Good write-up. Early on, I’m not buying the second part. Things like this:

“For example, if you have a typed functional language with integers and function types, then building an abstract interpretation to do a sign analysis is simplified by the fact that you don’t have to worry about function values flowing into the integer domain.”

My reaction is that the things the author describes with type systems look like heuristics/annotations/constraints, static analysis can have these, and so it can do the same things. Then, we’re back to them being instances of the same concept like in the first set of claims.

I’m pretty sure I’ve seen tools use heuristics to look into or ignore certain kinds of things. Still prefer a specialist that builds these tools double check my claim about constraints.

It’s confusing why you would compare a type system which can fully describe a thing, to a heuristic which is partial coverage. The thing I would expect you to not buy is that one could actually do the labor to represent the complexity of a domain like rust with types. However if you did it, you would know because the type system could check for soundness. In the same way that if a function can take an A | B, you only have to handle the A, and B case and you have a fully well described function.

Now perhaps you might still want a specialist to come in afterwards to essentially check the soundness of the compiler, however their attack surface is vastly reduced. It’s like trying to find buffer overflow exploits in C# that doesn’t use the unsafe keyword. Its possible yes, but its a great deal harder than finding it in C code and happens when there are bugs in the compiler and not your specific program.

The thing I would expect you to not buy is that one could actually do the labor to represent the complexity of a domain like rust with types.

I don’t know math like proofs use or type theory. I work with those papers abstractly on a meta-research level across all the papers I read. If I was a hands-on practitioner, I would be calling out different things most likely. Just throwing that in there in case you haven’t seen me say it.

I’m honestly surprised that you would find any value in writings like this, then. The entire premise revolves around a deep connection between types and abstract interpretation, and the blog post starts out by saying that it is collecting context and folklore around that connection besides that in Types as Abstract Interpretations.

Again, let’s start by imagining a simply-typed lambda calculus whose types are integers and functions. First, the easy idea: we can generalize integers by any property of integers, and we can mechanically derive the corresponding abstract interpretation. Some properties:

Integers are negative, zero, or positive. This yields the domain of signs, mentioned before and in the post. This domain is a classic example, and sometimes is even useful.

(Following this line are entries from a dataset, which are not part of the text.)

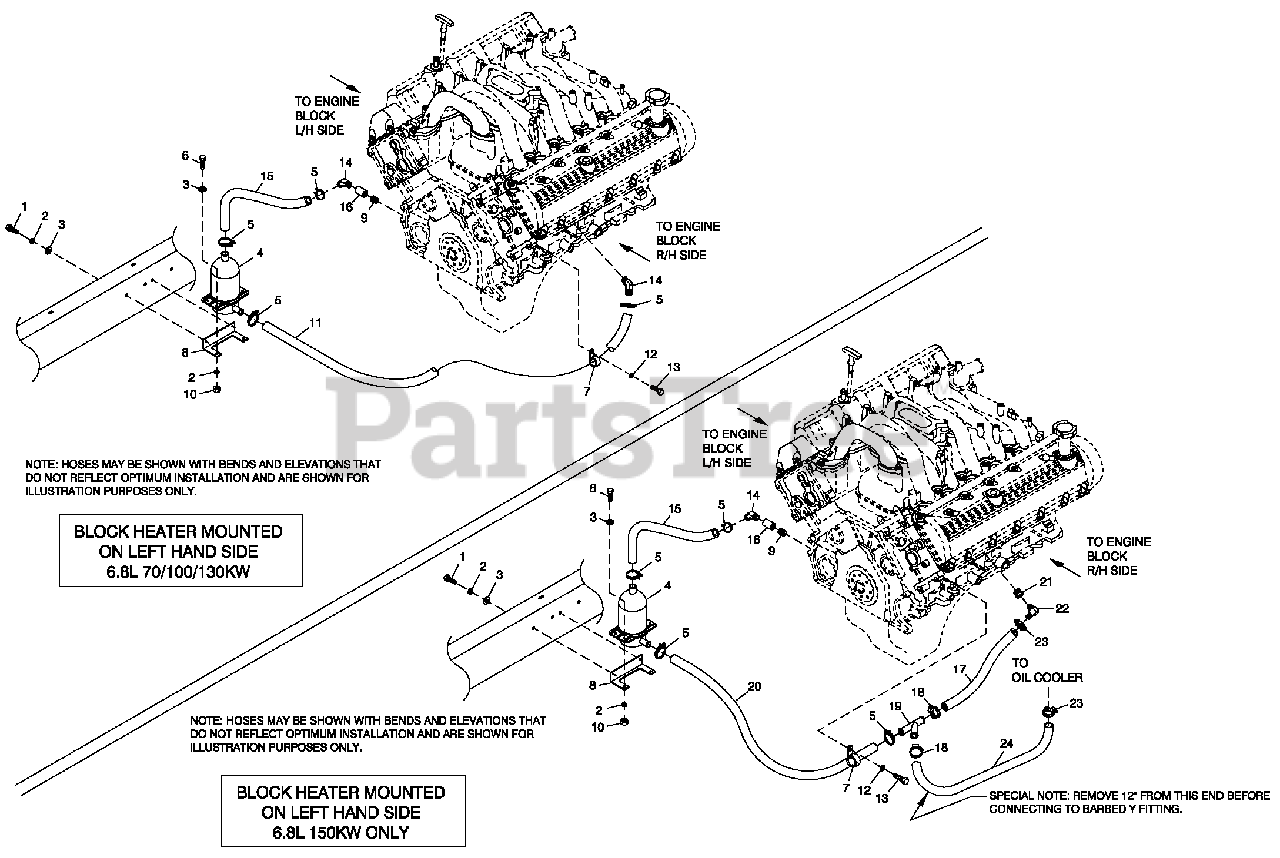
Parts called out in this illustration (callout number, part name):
1	SCREW HHC M6-1.0X 16 G8.8
2	WASHER LOCK M6-1/4
3	WASHER FLAT 1/4 ZINC
4	HEATER ENG 1500W120V
5	CLAMP HOSE 7/8" OD DOUBLE WIRE
6	SCREW HHC M6-1.0X 20 G8.8
7	CLAMP VINYL 1.06 X .4 06Z
8	BRACKET HEATER
9	NIPPLE CLOSE 3/8NPT X 1 VIBRA
10	NUT HEX M6-1.0 G8YEL CHR
11	HOSE COOL 5/8 ID 20R3 (33"LG)
12	WASHER LOCK M8-5/16
13	SCREW HHC M8-1.25 X 16 G8.8
14	BARBED EL 45 3/8NPT X 5/8OD
15	HOSE PREFORMED BLOCK HEATER
16	COUPLING FULL 3/8-18
17	HOSE 3/4 ID SAE-30R2 (8"LG) (150KW ONLY)
18	CLAMP HOSE #10.56-1.06 (150KWONLY)
19	BARB Y UNIVERSAL 5/8-3/4 HOSE (150KW ONLY)
20	HOSE COOL 5/8 ID 20R3 (24"LG) (150KW ONLY)
21	ADAPTER 1/2"NPT X 3/8"NPT (150KW ONLY)
22	BARBED EL 9 0 1/2NPT X 3/4 HOSE (150KW ONLY)
23	CLAMP HOSE #10.56-1.06 (150KWONLY)
24	HOSE OIL COOLER PREFORMED 3/4 (150KW ONLY) (SEE SPECIAL NOTE)

Integers are even or odd, yielding a Boolean property.

Integers are prime or non-prime. This domain can be useful occasionally.

In fact, every integer has a unique prime factorization, which can again be abstracted over.

But there are also, as the blog post discusses, ways to view types as grammatical, as limiting not just the possible operations and information, but also the possible valid ways to use the values of types. Again on the integers:

Integers can be fixed to any finite domain by taking some natural number as a modulus. In particular, when we fix powers of (powers of) two, we get words, as in the typical CPU register.

Integers can be highly predictable or not. The typical integer obeys a form of Zipf’s Law for predicting its bits, but some integers are high-entropy and defy this law. This leads to type-driven analysis for whether a value has been hashed or is otherwise cryptographic material.

Combining earlier bullets, the Booleans can be defined on the integers by fixing 2 as a modulus; this is the even/odd property.

Does this make sense? Instead of storing integers, we store only their signs, and then run the interpreter as normal, getting an abstract result.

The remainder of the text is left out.